In der Regel nicht. Jemandem ohne dessen Zustimmung seinen Pass zu nehmen, ist illegal. Allerdings bewahren manche der Firmen, die wir geprüft haben, die Pässe ihrer Arbeiter in ihren Hauptniederlassungen auf, und das oft, weil die Arbeiter das so wollen. Wenn du dir ein Zimmer mit acht anderen Leuten teilst, ist es vielleicht besser, wenn der Arbeitgeber auf so ein wichtiges Dokument aufpasst. Die Lösung ist also, in den Unterkünften eine sichere Aufbewahrungsmöglichkeit anzubieten. Das ist eine Forderung in den neuen, verbindlichen Standards der Qatar Foundation für das Wohl der Arbeitsmigranten.
Was macht die katarische Regierung, um die Situation zu verbessern?
Das hat für den Staat höchste Dringlichkeit. Wir hatten viele Treffen auf höchster Ebene – das ist ein Vorteil der Qatar Foundation, die von der Regierung wahrgenommen und respektiert wird. Die Existenz meines Arbeitsplatzes und unsere Abteilung zeigen, dass wir eingesetzt wurden, um die Standards für das Wohl und die Lebensqualität der Arbeiter zu verbessern. Unsere Abteilung konzentriert sich völlig auf die Belange der Arbeitsmigranten. Schon vor der Gründung der Abteilung hat eine Arbeitsgruppe mit Experten in den Bereichen Bau, Gesundheit und Sicherheit, Justiz und internationale Menschenrechte die neuen Standards der Qatar Foundation entwickelt. Sie sind seitdem Bestandteil jedes neuen Vertrags der Projekte der Qatar Foundation. Unsere Abteilung ist dafür verantwortlich, die Einhaltung dieser Standards mithilfe von Interviews und häufigen Inspektionen der Unterbringung und des Transports der Arbeiter zu überprüfen. Wir nehmen Prüfungen der Einstellungspraxis und -vereinbarungen, der Arbeitsverträge, der Gehälter und anderer wichtiger Punkte bei den Firmen vor.
»Vorwürfe anzubringen wird Ihnen nicht die richtige Antwort einbringen«
Viele der Arbeiter verdienen nicht mehr als 600 Rial im Monat. Finden Sie das fair?
Meiner Erfahrung nach schwanken die Gehälter für ungelernte und gering qualifizierte Arbeitskräfte zwischen 600 und 1.200 Rial. Die Botschaften der Länder, die Arbeiter nach Katar entsenden, bestimmen für diese die Mindestlöhne, und Arbeitgeber richten sich dann in der Regel danach. Natürlich machen niedrigere Mindestlöhne die Entsendeländer wettbewerbsfähiger.

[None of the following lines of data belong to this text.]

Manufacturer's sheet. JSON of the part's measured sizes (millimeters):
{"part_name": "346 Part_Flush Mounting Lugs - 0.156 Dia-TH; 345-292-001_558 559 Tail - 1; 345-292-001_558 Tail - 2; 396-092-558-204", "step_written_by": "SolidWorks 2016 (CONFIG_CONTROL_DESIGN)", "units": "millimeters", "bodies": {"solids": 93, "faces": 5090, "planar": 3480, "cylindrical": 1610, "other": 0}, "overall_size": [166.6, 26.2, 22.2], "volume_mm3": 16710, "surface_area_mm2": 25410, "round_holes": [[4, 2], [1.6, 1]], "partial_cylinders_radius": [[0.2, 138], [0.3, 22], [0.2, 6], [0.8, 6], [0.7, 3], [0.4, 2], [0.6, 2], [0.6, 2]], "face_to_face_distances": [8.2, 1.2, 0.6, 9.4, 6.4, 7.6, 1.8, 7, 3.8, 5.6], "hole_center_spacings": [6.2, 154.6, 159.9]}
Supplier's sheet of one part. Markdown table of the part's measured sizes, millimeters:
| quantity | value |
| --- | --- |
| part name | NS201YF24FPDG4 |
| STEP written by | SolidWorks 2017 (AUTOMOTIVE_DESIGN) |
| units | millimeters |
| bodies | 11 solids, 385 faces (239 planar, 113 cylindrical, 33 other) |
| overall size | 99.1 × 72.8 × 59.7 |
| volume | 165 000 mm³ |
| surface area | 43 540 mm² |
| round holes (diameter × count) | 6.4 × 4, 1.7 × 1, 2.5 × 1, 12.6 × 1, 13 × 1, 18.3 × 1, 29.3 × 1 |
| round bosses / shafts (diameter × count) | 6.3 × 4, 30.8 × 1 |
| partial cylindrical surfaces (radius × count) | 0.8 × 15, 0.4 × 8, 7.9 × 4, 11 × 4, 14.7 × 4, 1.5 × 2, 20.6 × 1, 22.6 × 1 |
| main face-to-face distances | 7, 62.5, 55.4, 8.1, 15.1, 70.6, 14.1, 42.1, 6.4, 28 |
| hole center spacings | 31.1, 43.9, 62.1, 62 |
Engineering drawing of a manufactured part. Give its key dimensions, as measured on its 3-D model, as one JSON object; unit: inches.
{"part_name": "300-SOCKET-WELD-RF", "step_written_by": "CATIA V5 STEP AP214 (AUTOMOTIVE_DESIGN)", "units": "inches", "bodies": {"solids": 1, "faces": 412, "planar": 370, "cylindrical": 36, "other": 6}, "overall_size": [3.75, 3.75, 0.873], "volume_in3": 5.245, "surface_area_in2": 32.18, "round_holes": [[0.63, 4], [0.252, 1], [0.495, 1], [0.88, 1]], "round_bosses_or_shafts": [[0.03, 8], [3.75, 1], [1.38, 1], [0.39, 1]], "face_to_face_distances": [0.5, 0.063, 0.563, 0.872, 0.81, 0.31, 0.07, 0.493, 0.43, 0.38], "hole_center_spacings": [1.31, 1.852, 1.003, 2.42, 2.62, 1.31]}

Ist Katar unfähig, mit Kritik umzugehen?
Katar kann mit Kritik umgehen, aber es hat damit zu tun, wie man die Botschaft überbringt. Vorwürfe anzubringen wird Ihnen nicht die richtige Antwort einbringen. Einer der wichtigsten Katalysatoren für das Umdenken der Regierung waren der Bericht von Amnesty International und die Vereinten Nationen, weil Lösungen vorgeschlagen und Fortschritte wahrgenommen wurden, aber auch Probleme herausgestellt. Kritik sollte konstruktiv sein.